What you perhaps don't realize is that an attachment marked plain text
but containing HTML tags is often displayed as HTML by mail reading
software anyway. Some software reads plain text, looking for anything that
resembles a web address and generates a clickable URL (thereby turning
the plain text into HTML). 

Fine, but at least in that case the URL will NOT be spoofed or misrepresented, 
right?  :-)

Some software accepts even malformed HTML
tags, which aren't considered HTML by any standards.

My point is that when you say "looking at attachments and HTML tags",
you are glossing over a difficult problem, because while ordinary
users tend to produce mail where attachment types and HTML are clear,
spammers purposefully make those aspects as hard to identify as they can,
by exploiting gray areas.

Clearly, but the point is to force the spammers into areas that are VERY, VERY 
gray (and which for most users, simply don't exist at all).

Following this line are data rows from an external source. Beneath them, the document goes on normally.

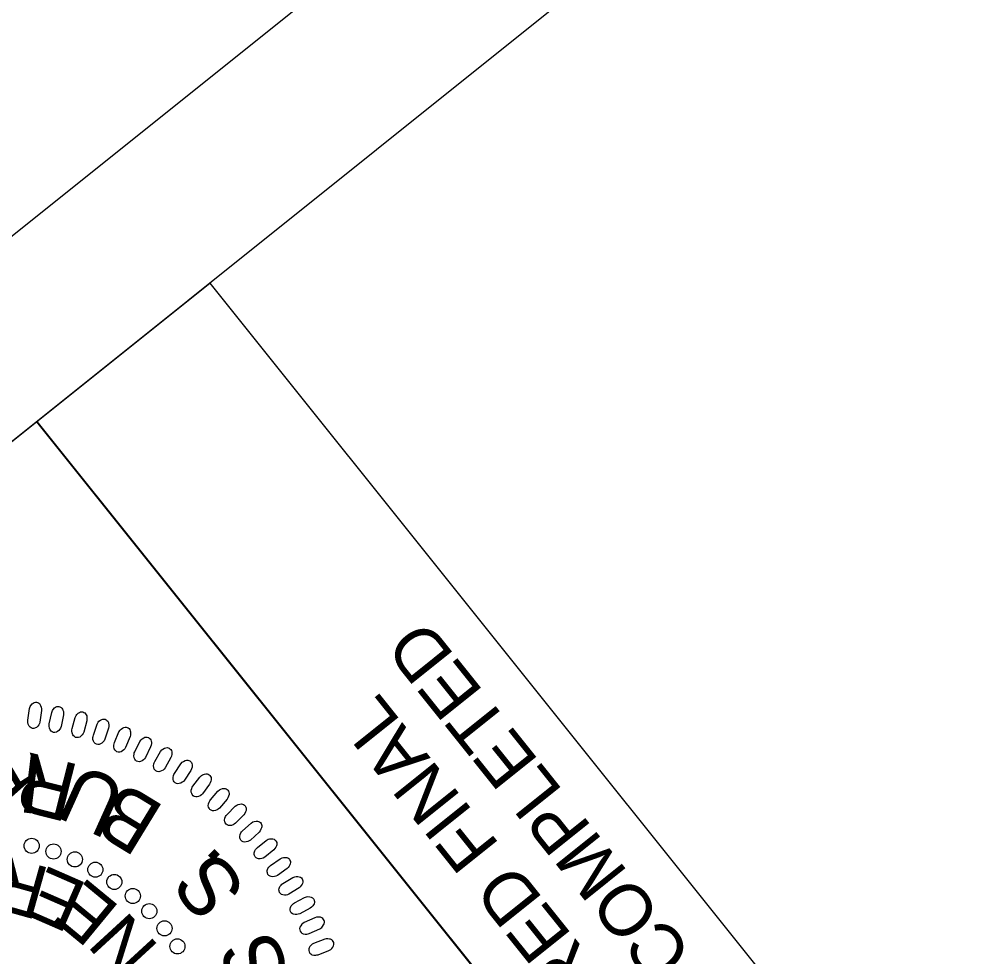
# Model space of a CAD drawing. Extents: x 473437 to 475344, y 504319 to 506318.
# Drawn here: x 473580.9 to 473682.6, y 505671.2 to 505770.6 of the extents above; entities that cross this region are included whole.
import ezdxf

# ---------------------------------------------------------------- set-up
doc = ezdxf.new("R2010")
doc.units = 0
for name, color, linetype in [('Sheet PE Seal Cell', 7, 'Continuous'), ('Sheet Plan CELL', 7, 'Continuous'), ('Sheet Plot Border Outside CELL', 7, 'Continuous'), ('Sheet Sticker Exception Certification CELL', 7, 'Continuous'), ('Sheet Sticker Incomplete CELL', 7, 'Continuous')]:
    doc.layers.add(name, color=color, linetype=linetype)

msp = doc.modelspace()

# ---------------------------------------------------------------- linework, layer by layer
at = {"layer": 'Sheet PE Seal Cell'}
for points in [[(473581.77, 505696.29), (473581.95, 505697.5), (473582.02, 505697.71), (473582.09, 505697.84), (473582.22, 505698), (473582.33, 505698.09), (473582.46, 505698.15), (473582.57, 505698.18), (473582.68, 505698.18), (473582.79, 505698.15), (473582.9, 505698.1), (473583, 505698.03), (473583.09, 505697.91), (473583.13, 505697.82), (473583.18, 505697.67), (473583.21, 505697.48), (473583.21, 505697.32), (473583.04, 505696.07), (473583, 505695.91), (473582.93, 505695.78), (473582.82, 505695.63), (473582.69, 505695.51), (473582.58, 505695.45), (473582.42, 505695.41), (473582.27, 505695.41), (473582.13, 505695.47), (473582.03, 505695.54), (473581.92, 505695.65), (473581.82, 505695.84), (473581.78, 505696.02), (473581.77, 505696.16)], [(473584.05, 505695.89), (473584.3, 505697.09), (473584.38, 505697.3), (473584.46, 505697.42), (473584.6, 505697.57), (473584.72, 505697.65), (473584.85, 505697.71), (473584.96, 505697.73), (473585.07, 505697.72), (473585.18, 505697.68), (473585.29, 505697.63), (473585.38, 505697.55), (473585.46, 505697.43), (473585.5, 505697.34), (473585.54, 505697.18), (473585.56, 505696.99), (473585.55, 505696.83), (473585.3, 505695.6), (473585.25, 505695.44), (473585.17, 505695.31), (473585.05, 505695.17), (473584.92, 505695.06), (473584.8, 505695), (473584.64, 505694.97), (473584.49, 505694.98), (473584.35, 505695.05), (473584.26, 505695.12), (473584.15, 505695.25), (473584.07, 505695.44), (473584.04, 505695.63), (473584.04, 505695.76)], [(473586.46, 505695.38), (473586.79, 505696.56), (473586.88, 505696.76), (473586.97, 505696.89), (473587.12, 505697.02), (473587.25, 505697.1), (473587.37, 505697.15), (473587.49, 505697.16), (473587.6, 505697.15), (473587.7, 505697.1), (473587.81, 505697.04), (473587.9, 505696.95), (473587.97, 505696.83), (473588.01, 505696.73), (473588.03, 505696.57), (473588.04, 505696.38), (473588.02, 505696.22), (473587.7, 505695.01), (473587.63, 505694.85), (473587.55, 505694.73), (473587.42, 505694.6), (473587.28, 505694.49), (473587.16, 505694.44), (473586.99, 505694.43), (473586.84, 505694.45), (473586.71, 505694.53), (473586.62, 505694.6), (473586.53, 505694.73), (473586.46, 505694.93), (473586.44, 505695.12), (473586.44, 505695.25)], [(473588.72, 505694.69), (473589.11, 505695.85), (473589.22, 505696.05), (473589.31, 505696.16), (473589.48, 505696.29), (473589.6, 505696.36), (473589.74, 505696.4), (473589.85, 505696.4), (473589.96, 505696.38), (473590.06, 505696.33), (473590.16, 505696.26), (473590.24, 505696.17), (473590.31, 505696.04), (473590.34, 505695.95), (473590.36, 505695.78), (473590.35, 505695.59), (473590.32, 505695.44), (473589.92, 505694.25), (473589.85, 505694.09), (473589.76, 505693.98), (473589.62, 505693.85), (473589.47, 505693.76), (473589.35, 505693.71), (473589.18, 505693.71), (473589.04, 505693.74), (473588.91, 505693.82), (473588.82, 505693.91), (473588.74, 505694.04), (473588.68, 505694.24), (473588.67, 505694.43), (473588.69, 505694.56)], [(473590.96, 505693.9), (473591.43, 505695.03), (473591.55, 505695.22), (473591.65, 505695.33), (473591.82, 505695.44), (473591.95, 505695.51), (473592.08, 505695.54), (473592.19, 505695.54), (473592.31, 505695.51), (473592.4, 505695.45), (473592.5, 505695.38), (473592.57, 505695.28), (473592.63, 505695.15), (473592.66, 505695.05), (473592.66, 505694.89), (473592.65, 505694.7), (473592.61, 505694.54), (473592.13, 505693.38), (473592.05, 505693.23), (473591.95, 505693.12), (473591.81, 505693.01), (473591.65, 505692.92), (473591.53, 505692.88), (473591.36, 505692.89), (473591.22, 505692.93), (473591.1, 505693.02), (473591.02, 505693.11), (473590.94, 505693.25), (473590.89, 505693.45), (473590.9, 505693.64), (473590.92, 505693.78)], [(473593.1, 505692.92), (473593.64, 505694.03), (473593.77, 505694.21), (473593.88, 505694.31), (473594.06, 505694.41), (473594.19, 505694.47), (473594.33, 505694.49), (473594.44, 505694.48), (473594.55, 505694.45), (473594.64, 505694.38), (473594.73, 505694.3), (473594.8, 505694.2), (473594.85, 505694.06), (473594.87, 505693.97), (473594.87, 505693.8), (473594.84, 505693.62), (473594.79, 505693.46), (473594.24, 505692.33), (473594.15, 505692.19), (473594.05, 505692.08), (473593.89, 505691.98), (473593.73, 505691.9), (473593.61, 505691.87), (473593.44, 505691.89), (473593.3, 505691.94), (473593.18, 505692.04), (473593.11, 505692.13), (473593.04, 505692.28), (473593.01, 505692.48), (473593.03, 505692.67), (473593.06, 505692.8)], [(473595.22, 505691.89), (473595.83, 505692.96), (473595.97, 505693.13), (473596.08, 505693.22), (473596.26, 505693.32), (473596.4, 505693.36), (473596.54, 505693.38), (473596.65, 505693.36), (473596.76, 505693.32), (473596.84, 505693.25), (473596.93, 505693.16), (473596.99, 505693.06), (473597.04, 505692.92), (473597.05, 505692.82), (473597.03, 505692.66), (473596.99, 505692.47), (473596.94, 505692.32), (473596.32, 505691.23), (473596.21, 505691.09), (473596.11, 505690.99), (473595.95, 505690.9), (473595.78, 505690.83), (473595.66, 505690.81), (473595.49, 505690.84), (473595.35, 505690.9), (473595.24, 505691), (473595.18, 505691.1), (473595.12, 505691.25), (473595.1, 505691.45), (473595.13, 505691.65), (473595.17, 505691.77)], [(473597.32, 505690.64), (473597.99, 505691.66), (473598.15, 505691.83), (473598.27, 505691.91), (473598.45, 505691.99), (473598.59, 505692.03), (473598.73, 505692.04), (473598.84, 505692.01), (473598.95, 505691.97), (473599.03, 505691.89), (473599.11, 505691.8), (473599.17, 505691.69), (473599.2, 505691.55), (473599.21, 505691.45), (473599.18, 505691.29), (473599.13, 505691.11), (473599.06, 505690.96), (473598.38, 505689.91), (473598.27, 505689.78), (473598.15, 505689.69), (473597.99, 505689.6), (473597.82, 505689.55), (473597.69, 505689.53), (473597.53, 505689.57), (473597.39, 505689.64), (473597.29, 505689.75), (473597.23, 505689.85), (473597.18, 505690), (473597.17, 505690.21), (473597.22, 505690.4), (473597.26, 505690.52)], [(473599.28, 505689.27), (473600.01, 505690.25), (473600.18, 505690.4), (473600.3, 505690.48), (473600.49, 505690.55), (473600.64, 505690.58), (473600.77, 505690.58), (473600.88, 505690.55), (473600.98, 505690.49), (473601.06, 505690.41), (473601.14, 505690.31), (473601.19, 505690.2), (473601.21, 505690.06), (473601.21, 505689.96), (473601.17, 505689.8), (473601.11, 505689.62), (473601.04, 505689.48), (473600.29, 505688.47), (473600.17, 505688.35), (473600.05, 505688.27), (473599.88, 505688.19), (473599.71, 505688.15), (473599.58, 505688.14), (473599.42, 505688.19), (473599.29, 505688.26), (473599.19, 505688.39), (473599.14, 505688.49), (473599.1, 505688.64), (473599.1, 505688.85), (473599.16, 505689.04), (473599.21, 505689.16)], [(473601.12, 505687.82), (473601.92, 505688.75), (473602.09, 505688.9), (473602.22, 505688.97), (473602.42, 505689.02), (473602.56, 505689.04), (473602.7, 505689.03), (473602.81, 505688.99), (473602.9, 505688.94), (473602.98, 505688.85), (473603.05, 505688.75), (473603.09, 505688.63), (473603.1, 505688.49), (473603.1, 505688.39), (473603.05, 505688.23), (473602.98, 505688.06), (473602.89, 505687.92), (473602.08, 505686.96), (473601.96, 505686.85), (473601.83, 505686.77), (473601.66, 505686.71), (473601.48, 505686.67), (473601.36, 505686.68), (473601.2, 505686.73), (473601.07, 505686.82), (473600.98, 505686.94), (473600.94, 505687.05), (473600.9, 505687.21), (473600.92, 505687.41), (473600.99, 505687.6), (473601.05, 505687.71)], [(473602.89, 505686.27), (473603.75, 505687.15), (473603.93, 505687.28), (473604.06, 505687.35), (473604.26, 505687.39), (473604.41, 505687.4), (473604.54, 505687.38), (473604.64, 505687.33), (473604.74, 505687.27), (473604.8, 505687.18), (473604.87, 505687.07), (473604.9, 505686.96), (473604.91, 505686.81), (473604.9, 505686.71), (473604.84, 505686.56), (473604.76, 505686.39), (473604.66, 505686.26), (473603.79, 505685.35), (473603.66, 505685.25), (473603.53, 505685.18), (473603.35, 505685.13), (473603.18, 505685.1), (473603.05, 505685.11), (473602.9, 505685.18), (473602.78, 505685.27), (473602.7, 505685.4), (473602.66, 505685.51), (473602.63, 505685.67), (473602.67, 505685.88), (473602.74, 505686.05), (473602.81, 505686.17)], [(473604.52, 505684.54), (473605.43, 505685.37), (473605.62, 505685.49), (473605.75, 505685.54), (473605.96, 505685.58), (473606.1, 505685.58), (473606.24, 505685.55), (473606.34, 505685.5), (473606.43, 505685.43), (473606.49, 505685.33), (473606.55, 505685.22), (473606.57, 505685.1), (473606.57, 505684.96), (473606.55, 505684.86), (473606.48, 505684.71), (473606.39, 505684.55), (473606.29, 505684.42), (473605.36, 505683.57), (473605.22, 505683.47), (473605.09, 505683.41), (473604.91, 505683.37), (473604.73, 505683.36), (473604.61, 505683.38), (473604.46, 505683.46), (473604.34, 505683.55), (473604.27, 505683.69), (473604.24, 505683.8), (473604.23, 505683.96), (473604.27, 505684.17), (473604.36, 505684.34), (473604.43, 505684.45)], [(473606.1, 505682.77), (473607.05, 505683.54), (473607.25, 505683.65), (473607.39, 505683.69), (473607.59, 505683.71), (473607.74, 505683.7), (473607.87, 505683.67), (473607.97, 505683.61), (473608.05, 505683.53), (473608.11, 505683.43), (473608.16, 505683.32), (473608.18, 505683.2), (473608.17, 505683.06), (473608.14, 505682.96), (473608.07, 505682.82), (473607.96, 505682.66), (473607.85, 505682.54), (473606.88, 505681.75), (473606.73, 505681.66), (473606.59, 505681.61), (473606.41, 505681.58), (473606.23, 505681.58), (473606.11, 505681.61), (473605.96, 505681.69), (473605.86, 505681.8), (473605.79, 505681.94), (473605.77, 505682.05), (473605.76, 505682.21), (473605.82, 505682.41), (473605.92, 505682.58), (473606, 505682.68)], [(473607.51, 505680.89), (473608.51, 505681.59), (473608.72, 505681.69), (473608.86, 505681.73), (473609.06, 505681.73), (473609.21, 505681.72), (473609.34, 505681.67), (473609.43, 505681.61), (473609.51, 505681.53), (473609.56, 505681.42), (473609.6, 505681.31), (473609.62, 505681.19), (473609.59, 505681.05), (473609.56, 505680.95), (473609.48, 505680.81), (473609.37, 505680.66), (473609.25, 505680.55), (473608.22, 505679.82), (473608.07, 505679.74), (473607.93, 505679.7), (473607.75, 505679.68), (473607.57, 505679.69), (473607.45, 505679.73), (473607.31, 505679.82), (473607.21, 505679.93), (473607.16, 505680.08), (473607.14, 505680.19), (473607.15, 505680.35), (473607.22, 505680.55), (473607.32, 505680.71), (473607.41, 505680.8)], [(473608.8, 505678.96), (473609.85, 505679.6), (473610.06, 505679.68), (473610.2, 505679.71), (473610.41, 505679.7), (473610.55, 505679.68), (473610.68, 505679.62), (473610.77, 505679.55), (473610.84, 505679.47), (473610.88, 505679.36), (473610.92, 505679.24), (473610.92, 505679.12), (473610.89, 505678.98), (473610.86, 505678.89), (473610.76, 505678.75), (473610.64, 505678.61), (473610.52, 505678.51), (473609.45, 505677.85), (473609.29, 505677.78), (473609.15, 505677.74), (473608.97, 505677.73), (473608.79, 505677.76), (473608.67, 505677.8), (473608.54, 505677.9), (473608.44, 505678.02), (473608.4, 505678.17), (473608.39, 505678.28), (473608.41, 505678.44), (473608.49, 505678.63), (473608.61, 505678.78), (473608.7, 505678.88)], [(473610.03, 505676.91), (473611.11, 505677.48), (473611.32, 505677.55), (473611.47, 505677.57), (473611.67, 505677.55), (473611.82, 505677.51), (473611.94, 505677.45), (473612.02, 505677.38), (473612.09, 505677.29), (473612.13, 505677.18), (473612.16, 505677.06), (473612.15, 505676.94), (473612.11, 505676.8), (473612.07, 505676.71), (473611.97, 505676.58), (473611.84, 505676.44), (473611.71, 505676.35), (473610.6, 505675.76), (473610.44, 505675.7), (473610.3, 505675.67), (473610.11, 505675.68), (473609.94, 505675.71), (473609.82, 505675.76), (473609.7, 505675.87), (473609.61, 505675.99), (473609.57, 505676.14), (473609.57, 505676.26), (473609.6, 505676.42), (473609.69, 505676.6), (473609.82, 505676.75), (473609.92, 505676.83)], [(473611.61, 505673.66), (473612.73, 505674.17), (473612.92, 505674.29), (473613.02, 505674.4), (473613.13, 505674.57), (473613.19, 505674.7), (473613.22, 505674.84), (473613.21, 505674.95), (473613.18, 505675.06), (473613.12, 505675.15), (473613.04, 505675.25), (473612.95, 505675.32), (473612.81, 505675.38), (473612.71, 505675.4), (473612.55, 505675.4), (473612.36, 505675.38), (473612.21, 505675.33), (473611.06, 505674.82), (473610.91, 505674.73), (473610.8, 505674.64), (473610.7, 505674.49), (473610.61, 505674.33), (473610.58, 505674.21), (473610.59, 505674.04), (473610.63, 505673.9), (473610.73, 505673.78), (473610.82, 505673.7), (473610.96, 505673.63), (473611.17, 505673.59), (473611.36, 505673.6), (473611.49, 505673.62)], [(473612.55, 505671.42), (473613.69, 505671.86), (473613.89, 505671.97), (473614, 505672.07), (473614.12, 505672.23), (473614.19, 505672.36), (473614.22, 505672.49), (473614.22, 505672.6), (473614.2, 505672.72), (473614.14, 505672.81), (473614.07, 505672.92), (473613.98, 505672.99), (473613.85, 505673.06), (473613.75, 505673.08), (473613.59, 505673.09), (473613.4, 505673.09), (473613.24, 505673.05), (473612.06, 505672.62), (473611.91, 505672.53), (473611.8, 505672.44), (473611.68, 505672.3), (473611.59, 505672.15), (473611.55, 505672.03), (473611.55, 505671.86), (473611.58, 505671.71), (473611.67, 505671.59), (473611.76, 505671.51), (473611.89, 505671.42), (473612.1, 505671.37), (473612.29, 505671.37), (473612.42, 505671.39)]]:
    msp.add_lwpolyline(points, close=True, dxfattribs=at)
for centre in [(473582.18, 505682.96), (473584.5, 505682.36), (473586.76, 505681.52), (473588.93, 505680.43), (473590.94, 505679.13), (473592.9, 505677.64), (473594.65, 505676.03), (473596.26, 505674.21), (473597.63, 505672.3)]:
    msp.add_circle(centre, 0.801, dxfattribs=at)
at = {"layer": 'Sheet Plan CELL'}
for points in [[(473465.55, 505634.17), (474402.85, 504463.03), (475222.63, 505119.12), (474285.35, 506290.25)], [(473557.38, 505579.55), (473494.89, 505657.61), (473582.73, 505727.92), (473645.22, 505649.85)]]:
    msp.add_lwpolyline(points, close=True, dxfattribs=at)
at = {"layer": 'Sheet Plot Border Outside CELL'}
msp.add_lwpolyline([(475344.24, 505003.2), (474292.3, 506317.59), (473437.39, 505633.37), (474489.32, 504318.99)], close=True, dxfattribs=at)
at = {"layer": 'Sheet Sticker Exception Certification CELL'}
for p, q in [((473582.73, 505727.92), (473601.07, 505742.6)), ((473582.73, 505727.92), (473601.07, 505742.6)), ((473601.06, 505742.6), (473726.06, 505586.42)), ((473601.06, 505742.6), (473726.06, 505586.42)), ((473707.71, 505571.73), (473582.72, 505727.91)), ((473707.71, 505571.73), (473582.72, 505727.91))]:
    msp.add_line(p, q, dxfattribs=at)

# ---------------------------------------------------------------- texts
at = {"layer": 'Sheet PE Seal Cell'}
for s, height, rotation, p in [('K', 6.24, 173.0938, (473583.55, 505692.51)), ('R', 6.24, 165.8188, (473587.44, 505691.48)), ('U', 6.24, 155.7189, (473592.59, 505689.32)), ('B', 6.24, 148.6021, (473596.46, 505687.02)), ('.', 6.24, 134.8995, (473602.65, 505681.52)), ('R', 5.67, 164.3348, (473584.3, 505680.53)), ('S', 6.24, 128.0538, (473605.13, 505678.33)), ('E', 5.67, 156.395, (473588.28, 505678.87)), ('E', 5.67, 140.5154, (473591.7, 505676.39)), ('N', 5.67, 132.5756, (473595.82, 505672.2)), ('S', 6.24, 109.4586, (473609.64, 505668.98)), ('46155', 6.236, 128.6526, (473588.84, 505654.88))]:
    msp.add_text(s, height=height, rotation=rotation, dxfattribs=at).set_placement(p)
at = {"layer": 'Sheet Sticker Exception Certification CELL'}
for s, p in [('UNLESS ALL SIGNATURES COMPLETED', (473712.66, 505596.19)), ('UNLESS ALL SIGNATURES COMPLETED', (473712.66, 505596.19)), ('DOCUMENT NOT CONSIDERED FINAL', (473702.62, 505594.65)), ('DOCUMENT NOT CONSIDERED FINAL', (473702.62, 505594.65))]:
    msp.add_text(s, height=5.5, rotation=128.6712, dxfattribs=at).set_placement(p)
at = {"layer": 'Sheet Sticker Incomplete CELL'}
msp.add_text('INCOMPLETE PLANS', height=11.52, rotation=128.6712, dxfattribs=at).set_placement((473632.49, 505556.99))

doc.saveas('drawing.dxf')

I'm not naive enough to presume that ANY one approach will work for EVERYBODY 
or 
for ABSOLUTELY ALL possible (past/present/future) software.  I don't think that 
any other approach I've seen proposed will protect so many people, so 
automatically, with so little interference with their existing methods and 
systems, and with so many other advantageous effects.

Moreover, you might not realize that SpamAssassin is bundled with 
bulk mail sending software precisely so that spammers can design their
emails against SpamAssassin and tweak them until they pass the tests
performed by SA, and only then start spamming. 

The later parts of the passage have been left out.